What kind of value does ‘Expertise’ Add? Can I measure it?

I have a confession to make.  It is sometimes a struggle for me to put into words the value that being a local full-time REALTOR can add to a transaction.

I can describe the process I go through with a seller for marketing their home, the method in which I communicate with them and others, and my business practices.  I can analyze statistics, market share, days on market, average sales price list to sales price from public data to make sure we are competitive.  I quite enjoy educating my clients in the mechanisms, steps we go through once an offer has been made on a home, accepted  and escrow is opened .  The items above are easy to put in an outline and describe to my clients in a clearly quantitative way.  You can measure these things and ‘see’ them quite clearly.

If the public has so much information available to them and discount brokers and limited service real estate companies will put your home on the MLS for you….why do you need a avail yourself of a local full-time real estate agent professional to sell your home or represent you as a buyer’s agent?

The answer is:Expertise”, and expertise is not as easily defined, measured or visible to the non-practiced or unknowing eye.

Expertise in Timing

One of the families in my neighborhood had their home for sale with another agent for about 9 months.  (I only sell about 1/4 of the homes in my neighborhood as I have made an active decision not to market to my neighbors in any way.  I want to be a neighbor and friend; not the pushy salesman that happens to live in the neighborhood that my neighbors run from every time they see).  This particular seller had decided to take their home off the market for awhile and do some re-modeling otime is moneyf the Kitchen and Master Bath (which they asked me to come over and consult with them and I happily did).  While the home was off the market with their real estate agent,who happened to live in a different town, they had put a “For Sale By Owner” sign up on their home.  In the middle of November 2008 I ran into the wife and asked her how the work was coming on the kitchen.  While we were chatting she told me they were planning on taking their For Sale By Owner Sign down since the holidays were coming and ‘people don’t really buy’ and the market is ‘so slow’ during November and December.  I immediately started shaking my head “No” as I explained to her that while that may be true for the market in general, in the Mesa Groves area that we lived in, we actually get a burst of activity during the holidays and sell quite a lot of homes.  The timing for our area of Mesa was different then the market in general.  That neighbor showed the home in December of 2008 to someone that purchased it.

Expertise in Local Research

Do you know what Zillow is reporting as their own reliability for valuing homes in Arizona,  right now?  Zillow reports only 23% accuracy within a 5% sales price for the Phoenix Metro Area (see chart below).  That means that the other 67% of homes they have estimates sell for a sales price AT LEAST 5% different then what they estimate the home is worth.
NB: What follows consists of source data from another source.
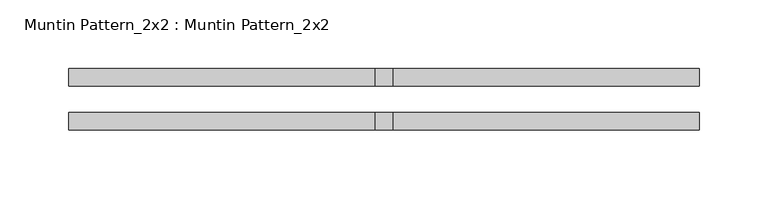
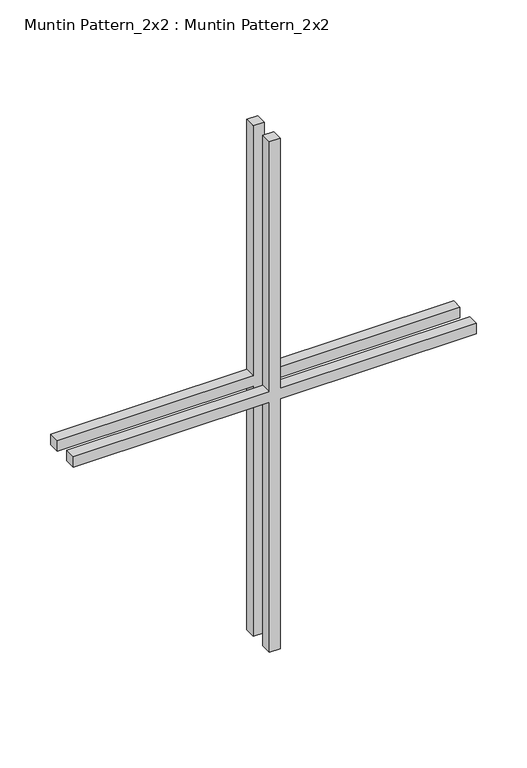
"""IFC4 building model written with IfcOpenShell, lengths in millimetres: proxy geometry, Muntin Pattern_2x2 : Muntin Pattern_2x2."""

from ifc_helpers import new_model, si_unit, frame, origin, place, context, project, spatial, polyline, outline, extrude, source, transform, mapped, element, save


def muntin_pattern_2x2_muntin_pattern_2x2_32a917e4(model_context):
    return source(origin(), model_context, "Body", "SweptSolid", [
        extrude(outline(polyline([(312.7375, -6.35), (312.7375, -228.6), (300.0375, -228.6), (300.0375, -6.35), (0.0, -6.35), (0.0, 6.35), (300.0375, 6.35), (300.0375, 228.6), (312.7375, 228.6), (312.7375, 6.35), (612.775, 6.35), (612.775, -6.35), (312.7375, -6.35)])), frame((0.0, -22.225, 0.0), z_axis=(0.0, 1.0, 0.0), x_axis=(0.0, 0.0, 1.0)), (0.0, 0.0, 1.0), 12.7),
        extrude(outline(polyline([(312.7375, -6.35), (312.7375, -228.6), (300.0375, -228.6), (300.0375, -6.35), (0.0, -6.35), (0.0, 6.35), (300.0375, 6.35), (300.0375, 228.6), (312.7375, 228.6), (312.7375, 6.35), (612.775, 6.35), (612.775, -6.35), (312.7375, -6.35)])), frame((0.0, 9.525, 0.0), z_axis=(0.0, 1.0, 0.0), x_axis=(0.0, 0.0, 1.0)), (0.0, 0.0, 1.0), 12.7),
    ])


if __name__ == "__main__":
    model = new_model("IFC4")
    model_context = context("Model", 3, world=origin())
    ifc_project = project(units=[si_unit("LENGTHUNIT", "METRE", prefix="MILLI")], contexts=[model_context])
    site = spatial("IfcSite", under=ifc_project)
    building = spatial("IfcBuilding", under=site)
    placement = place(None, origin())
    muntin_pattern_2x2_muntin_pattern_2x2_shape = muntin_pattern_2x2_muntin_pattern_2x2_32a917e4(model_context)
    element("IfcBuildingElementProxy", 1, Name="Muntin Pattern_2x2 : Muntin Pattern_2x2", ObjectType="Muntin Pattern_2x2 : Muntin Pattern_2x2", at=placement, inside=building, context=model_context, shape_type="MappedRepresentation", body=[
        mapped(muntin_pattern_2x2_muntin_pattern_2x2_shape, transform((0.0, 0.0, 0.0), x_axis=(1.0, 0.0, 0.0), y_axis=(0.0, 1.0, 0.0), z_axis=(0.0, 0.0, 1.0))),
    ])
    save(model, "model.ifc")

# Revit data of these elements
# Type "Muntin Pattern_2x2 : Muntin Pattern_2x2"
#   Width [instance default] = 4' - 0"
#   Thickness = 0' - 0 1/2"
#   Height [instance default] = 4' - 0"
#   Distance = 0' - 0 3/4"
#   Interior Material [instance default] = none
#   Exterior Material [instance default] = none
#   Default Elevation = 0
# Element 1 (IfcBuildingElementProxy, "Muntin Pattern_2x2 : Muntin Pattern_2x2")
#   Width = 1' - 6"
#   Height = 2' - 0 1/8"
#   Interior Material = Wood - Stained
#   Exterior Material = Clad - White
#   Materials on its faces: "Clad - White", "Wood - Stained"
# Materials
#   "Clad - White": class "Wood", colour RGB 245 245 243, transparency 0, Cost = 0
#   "Wood - Stained": class "Wood", colour RGB 224 178 126, transparency 0, Cost = 0

Only 65% sell within 20% of their estimate!  A starting point? – possibly, but by no means an expert authority on what a home is worth.

zestimate accuracy phoenix 3_24_09

Do you know what the average ‘list to sales price’ is for the home you are making an offer on is?  What is the average Days on Market (DOM) for your neighborhood in the last 6 months?  How does your subdivision compare with the area or city average?  How many of the closed sales in your neighborhood, area of town, or city were foreclosed homes versus non bank-owned homes (or traditional sales)?  Does any of that matter?  Possibly, possibly not.  However, to find what is pertinent, I often have done much more research then is visible to my clients.  Any of the clients I have worked with will tell you that my primary weapon in negotiating besides a level head is knowing more than the other party.  I will attempt to analyze your position from every possible angle in order to be prepared ahead of time with market knowledge.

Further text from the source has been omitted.